Amplop Kebahagiaan Bunda Lina: Menyulam Harapan di Asrama Penuh Cerita

- Jumat, 05 Desember 2025 | 15:42 WIB
Amplop Kebahagiaan Bunda Lina: Menyulam Harapan di Asrama Penuh Cerita

Suasana di asrama putri SRMA 1 Aceh Besar itu hangat, nyaris seperti di rumah sendiri. Di balik keakraban itu, ada sosok Bunda Lina. Perempuan yang punya cara unik untuk merajut kebersamaan: lewat sebuah amplop kebahagiaan.

Malam-malam di asrama seringkali menjadi saksi. Bunda Lina nama lengkapnya Lina Maulidina Marza dengan sabar duduk di tepi ranjang, mendengarkan seorang siswi yang matanya sembab. Bagi dia, inilah inti dari pekerjaannya. Bukan sekadar mengawasi, tapi benar-benar mendengarkan.

Latar belakangnya sebagai Pendamping Rehabilitasi Sosial memang membekalinya dengan kesabaran. Dulu, ia mendampingi anak-anak dalam hitungan jam. Kini, hidupnya dihabiskan untuk mengasuh 65 remaja putri. Masing-masing membawa kisah hidup yang tak mudah.

Amplop kebahagiaan itu adalah salah satu idenya. Setiap anak menuliskan apresiasi untuk temannya, lalu dimasukkan ke dalam amplop. Saat dibuka dan dibacakan, tangis kerap pecah. Mereka terharu, karena baru menyadari ada orang yang melihat kebaikan dalam diri mereka.

“Validasi kecil begitu sangat berarti,” ujar Bunda Lina.

Ada momen yang takkan pernah ia lupa, ketika seorang anak berbisik lirih, "Bunda boleh tidak ganti ibu saya?" Ternyata, orang tuanya baru bercerai.

Di tengah luapan cerita dan keluh kesah itu, Bunda Lina justru bersyukur. Di SRMA, ia punya kesempatan membimbing mereka dengan lebih baik. Menanganinya dengan cara yang lebih utuh.

“Bila anak-anak ini tidak dapat kasih sayang, bagaimana ke depan ketika dia menjadi ibu dan ayah. Itulah yang kami ajarkan,” tambahnya.
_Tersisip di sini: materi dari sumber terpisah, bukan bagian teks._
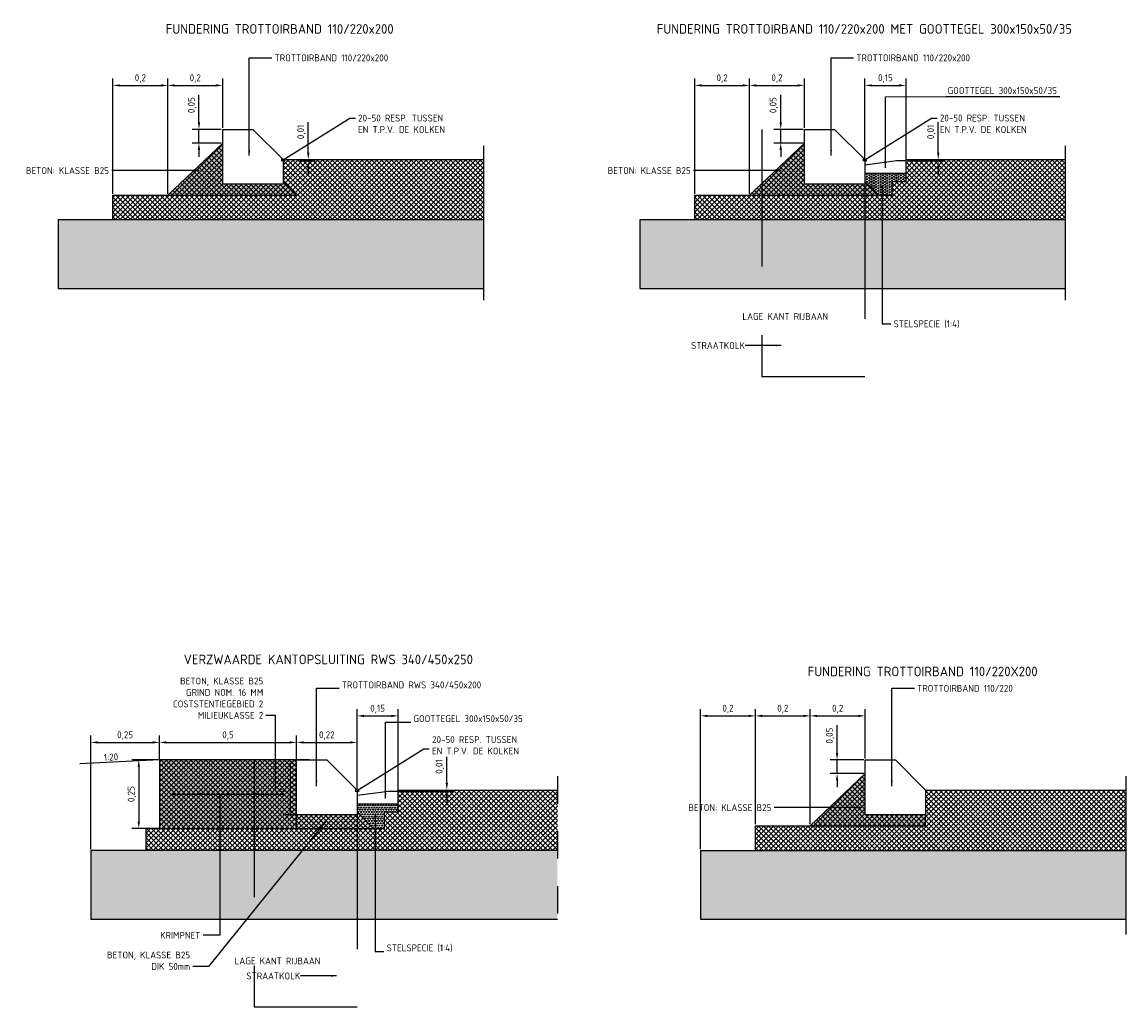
# Model space of a CAD drawing. Header units: metres. Extents: x 116.5 to 132.5, y 154.9 to 158.6.
# Tile 1 of 3: x 116.5 to 120.6, y 155 to 158.6. Entities that reach past the tile are written whole.
import ezdxf
from ezdxf.enums import TextEntityAlignment as Align

# ---------------------------------------------------------------- set-up
doc = ezdxf.new("R2010")
doc.units = ezdxf.units.M
doc.linetypes.add('PROFIEL', pattern=[3.9, 3, -0.3, 0.3, -0.3])
doc.linetypes.add('STIPPELFIJN', pattern=[0.375, 0.25, -0.125])
for name, color, linetype in [('PROVXREF', 7, 'Continuous'), ('WEG-NW-ARCERING18', 253, 'Continuous'), ('WEG-NW-DETAILS18', 7, 'Continuous'), ('WEG-NW-DETAILS35', 7, 'Continuous'), ('WEG-NW-DETAILS50', 7, 'Continuous'), ('WEG-NW-WERKGRENS', 10, 'PROFIEL'), ('WEG-XX-BEMATING25', 7, 'Continuous'), ('WEG-XX-BETOND', 7, 'Continuous'), ('WEG-XX-TEKST25', 7, 'Continuous')]:
    doc.layers.add(name, color=color, linetype=linetype)
doc.layers.add('X-XX-AL-T25', color=7, linetype='Continuous', lineweight=25)
doc.layers.add('X-XX-AL-T35', color=7, linetype='Continuous', lineweight=35)
doc.styles.add('DIMENSIE', font='provutr.shx')
doc.styles.add('NLCS-ISO', font='NLCS-ISO.ttf')
doc.styles.add('NLCS-ISO-ANNOTATIEF-T25', font='NLCS-ISO.ttf', dxfattribs={"height": 2.5})
doc.styles.add('NLCS-ISO-ANNOTATIEF-T35', font='NLCS-ISO.ttf', dxfattribs={"height": 3.5})
doc.dimstyles.new('NLCS-ISO', dxfattribs={"dimscale": 0.1, "dimtxt": 2.5, "dimasz": 2.5, "dimexe": 1.25, "dimexo": 0.25, "dimgap": 0.25, "dimtad": 1, "dimtxsty": 'NLCS-ISO', "dimcen": 2.5, "dimadec": 0, "dimazin": 0, "dimtfac": 1, "dimtmove": 0, "dimatfit": 3, "dimfxl": 0, "dimarcsym": 0})
doc.dimstyles.new('WVV10', dxfattribs={"dimscale": 0.02, "dimtxt": 1.25, "dimasz": 1, "dimexe": 0, "dimexo": 2, "dimgap": 0.5, "dimtad": 1, "dimzin": 0, "dimdsep": 46, "dimtxsty": 'DIMENSIE', "dimcen": 0, "dimdle": 1.25, "dimclrd": 256, "dimclre": 256, "dimclrt": 256, "dimaunit": 2, "dimadec": 0, "dimazin": 0, "dimtfac": 1, "dimtix": 1, "dimtmove": 2, "dimatfit": 3, "dimfxl": 0, "dimtolj": 1, "dimtzin": 0, "dimarcsym": 0})
pattern_1 = [(0, (119.59846, 149.1011123), (0.0015875, 0.003175), [0, -0.003175])]
pattern_2 = [(45, (109.06895, 12.309215), (-0.0089802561, 0.0089802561), []), (135, (109.06895, 12.309215), (-0.0089802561, -0.0089802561), [])]
pattern_3 = [(45, (123.639875, 150.468364), (-0.008980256, 0.008980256), []), (135, (123.639875, 150.468364), (-0.008980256, -0.008980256), [])]

# ---------------------------------------------------------------- blocks, each defined once
blk = doc.blocks.new('*D12')
at = {"color": 0, "lineweight": -2}
for p, q in [((119.876, 158.1299), (119.876, 158.2412)), ((119.7634, 158.1049), (119.901, 158.1049)), ((119.876, 158.0999), (119.876, 158.1049)), ((119.7634, 158.0999), (119.901, 158.0999)), ((119.876, 158.0749), (119.876, 158.0499))]:
    blk.add_line(p, q, dxfattribs=at)
at = {"color": 0}
for points in [[(119.8718, 158.1299), (119.8802, 158.1299), (119.876, 158.1049)], [(119.8718, 158.0749), (119.8802, 158.0749), (119.876, 158.0999)]]:
    blk.add_solid(points, dxfattribs=at)
at = {"layer": 'DEFPOINTS', "color": 0}
for p in [(119.7584, 158.1049, 2.2), (119.7584, 158.0999, 2.2), (119.876, 158.0999)]:
    blk.add_point(p, dxfattribs=at)
at = {"color": 0, "insert": (119.851, 158.2056), "char_height": 0.025, "attachment_point": 5, "rotation": 90, "style": 'NLCS-ISO'}
blk.add_mtext('0,01', dxfattribs=at)
blk = doc.blocks.new('*D13')
at = {"color": 0, "lineweight": -2}
for p, q in [((119.3019, 158.2399), (119.3019, 158.3412)), ((119.3834, 158.2149), (119.2769, 158.2149)), ((119.3019, 158.1649), (119.3019, 158.2149)), ((119.3834, 158.1649), (119.2769, 158.1649)), ((119.3019, 158.1399), (119.3019, 158.1149))]:
    blk.add_line(p, q, dxfattribs=at)
at = {"color": 0}
for points in [[(119.2978, 158.2399), (119.3061, 158.2399), (119.3019, 158.2149)], [(119.2978, 158.1399), (119.3061, 158.1399), (119.3019, 158.1649)]]:
    blk.add_solid(points, dxfattribs=at)
at = {"layer": 'DEFPOINTS', "color": 0}
for p in [(119.3019, 158.2149), (119.3884, 158.2149), (119.3884, 158.1649, 4.4)]:
    blk.add_point(p, dxfattribs=at)
at = {"color": 0, "insert": (119.2769, 158.3031), "char_height": 0.025, "attachment_point": 5, "rotation": 90, "style": 'NLCS-ISO'}
blk.add_mtext('0,05', dxfattribs=at)
blk = doc.blocks.new('*D14')
at = {"color": 0, "lineweight": -2}
for p, q in [((119.6084, 158.1049), (119.6084, 158.3999)), ((119.7584, 158.1049), (119.7584, 158.3999)), ((119.6334, 158.3749), (119.7334, 158.3749))]:
    blk.add_line(p, q, dxfattribs=at)
at = {"color": 0}
for points in [[(119.6334, 158.3791), (119.6334, 158.3708), (119.6084, 158.3749)], [(119.7334, 158.3791), (119.7334, 158.3708), (119.7584, 158.3749)]]:
    blk.add_solid(points, dxfattribs=at)
at = {"layer": 'DEFPOINTS', "color": 0}
for p in [(119.7584, 158.3749), (119.6084, 158.0999, 2.2), (119.7584, 158.0999, 2.2)]:
    blk.add_point(p, dxfattribs=at)
at = {"color": 0, "insert": (119.6834, 158.3999), "char_height": 0.025, "attachment_point": 5, "style": 'NLCS-ISO'}
blk.add_mtext('0,15', dxfattribs=at)
blk = doc.blocks.new('*D4')
at = {"color": 0, "lineweight": -2}
for p, q in [((118.9884, 157.9799), (118.9884, 158.3999)), ((119.1884, 157.9799), (119.1884, 158.3999)), ((119.0134, 158.3749), (119.1634, 158.3749))]:
    blk.add_line(p, q, dxfattribs=at)
at = {"color": 0}
for points in [[(119.0134, 158.3791), (119.0134, 158.3708), (118.9884, 158.3749)], [(119.1634, 158.3791), (119.1634, 158.3708), (119.1884, 158.3749)]]:
    blk.add_solid(points, dxfattribs=at)
at = {"layer": 'DEFPOINTS', "color": 0}
for p in [(119.1884, 158.3749), (118.9884, 157.9749), (119.1884, 157.9749)]:
    blk.add_point(p, dxfattribs=at)
at = {"color": 0, "insert": (119.0884, 158.3999), "char_height": 0.025, "attachment_point": 5, "style": 'NLCS-ISO'}
blk.add_mtext('0,2', dxfattribs=at)
blk = doc.blocks.new('*D5')
at = {"color": 0, "lineweight": -2}
for p, q in [((119.1884, 157.9799), (119.1884, 158.3999)), ((119.3884, 158.2199), (119.3884, 158.3999)), ((119.2134, 158.3749), (119.3634, 158.3749))]:
    blk.add_line(p, q, dxfattribs=at)
at = {"color": 0}
for points in [[(119.2134, 158.3791), (119.2134, 158.3708), (119.1884, 158.3749)], [(119.3634, 158.3791), (119.3634, 158.3708), (119.3884, 158.3749)]]:
    blk.add_solid(points, dxfattribs=at)
at = {"layer": 'DEFPOINTS', "color": 0}
for p in [(119.3884, 158.3749), (119.3884, 158.2149), (119.1884, 157.9749)]:
    blk.add_point(p, dxfattribs=at)
at = {"color": 0, "insert": (119.2884, 158.3999), "char_height": 0.025, "attachment_point": 5, "style": 'NLCS-ISO'}
blk.add_mtext('0,2', dxfattribs=at)
blk = doc.blocks.new('*D8')
at = {"color": 0, "lineweight": -2}
for p, q in [((117.5805, 158.1299), (117.5805, 158.2412)), ((117.5502, 158.1049), (117.6055, 158.1049)), ((117.5805, 158.0999), (117.5805, 158.1049)), ((117.5502, 158.0999), (117.6055, 158.0999)), ((117.5805, 158.0749), (117.5805, 158.0499))]:
    blk.add_line(p, q, dxfattribs=at)
at = {"color": 0}
for points in [[(117.5763, 158.1299), (117.5847, 158.1299), (117.5805, 158.1049)], [(117.5763, 158.0749), (117.5847, 158.0749), (117.5805, 158.0999)]]:
    blk.add_solid(points, dxfattribs=at)
at = {"layer": 'DEFPOINTS', "color": 0}
for p in [(117.5452, 158.1049, 2.2), (117.5452, 158.0999, 2.2), (117.5805, 158.0999)]:
    blk.add_point(p, dxfattribs=at)
at = {"color": 0, "insert": (117.5555, 158.2056), "char_height": 0.025, "attachment_point": 5, "rotation": 90, "style": 'NLCS-ISO'}
blk.add_mtext('0,01', dxfattribs=at)
blk = doc.blocks.new('*D9')
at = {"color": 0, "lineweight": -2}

Empat bulan menjalani peran ini mengajarkannya banyak hal. Cinta tak harus selalu berupa gebrakan besar. Kadang, cuma perlu duduk diam mendengarkan, atau memeluk seorang anak sebelum ia berlari kembali bermain. Hal-hal sederhana itu ternyata cukup untuk menyalakan kembali harapan baik bagi anak-anak, maupun bagi Bunda Lina sendiri.

“Awalnya kami meraba, bingung sekali. Tugas wali asrama itu apa, bagaimana harus memulai,” kenangnya tentang hari-hari pertama.

Keraguan itu pelan-pelan memudar. Banyak dari siswa ini pernah ia asesmen sebelumnya. Ia mengenal wajah-wajah mereka, mengingat serpihan cerita yang mereka bawa. Dari sanalah tekadnya menguat.

“Mengetahui latar belakang anak-anak tersebut itulah yang sebenarnya menjadi penyemangat,” katanya.

Jadi, peran wali asrama jauh melampaui sekadar mengurus fasilitas. Ini tentang membentuk karakter, menanamkan disiplin, dan yang paling krusial menyediakan ruang aman untuk anak-anak yang datang dengan beban masa lalu.

Jadwalnya pun tak biasa. Dua hari menginap di asrama, lalu satu hari kerja penuh, disusul jaga sampai pagi. Hari libur pun sering tersita untuk urusan anak-anak yang butuh perhatian.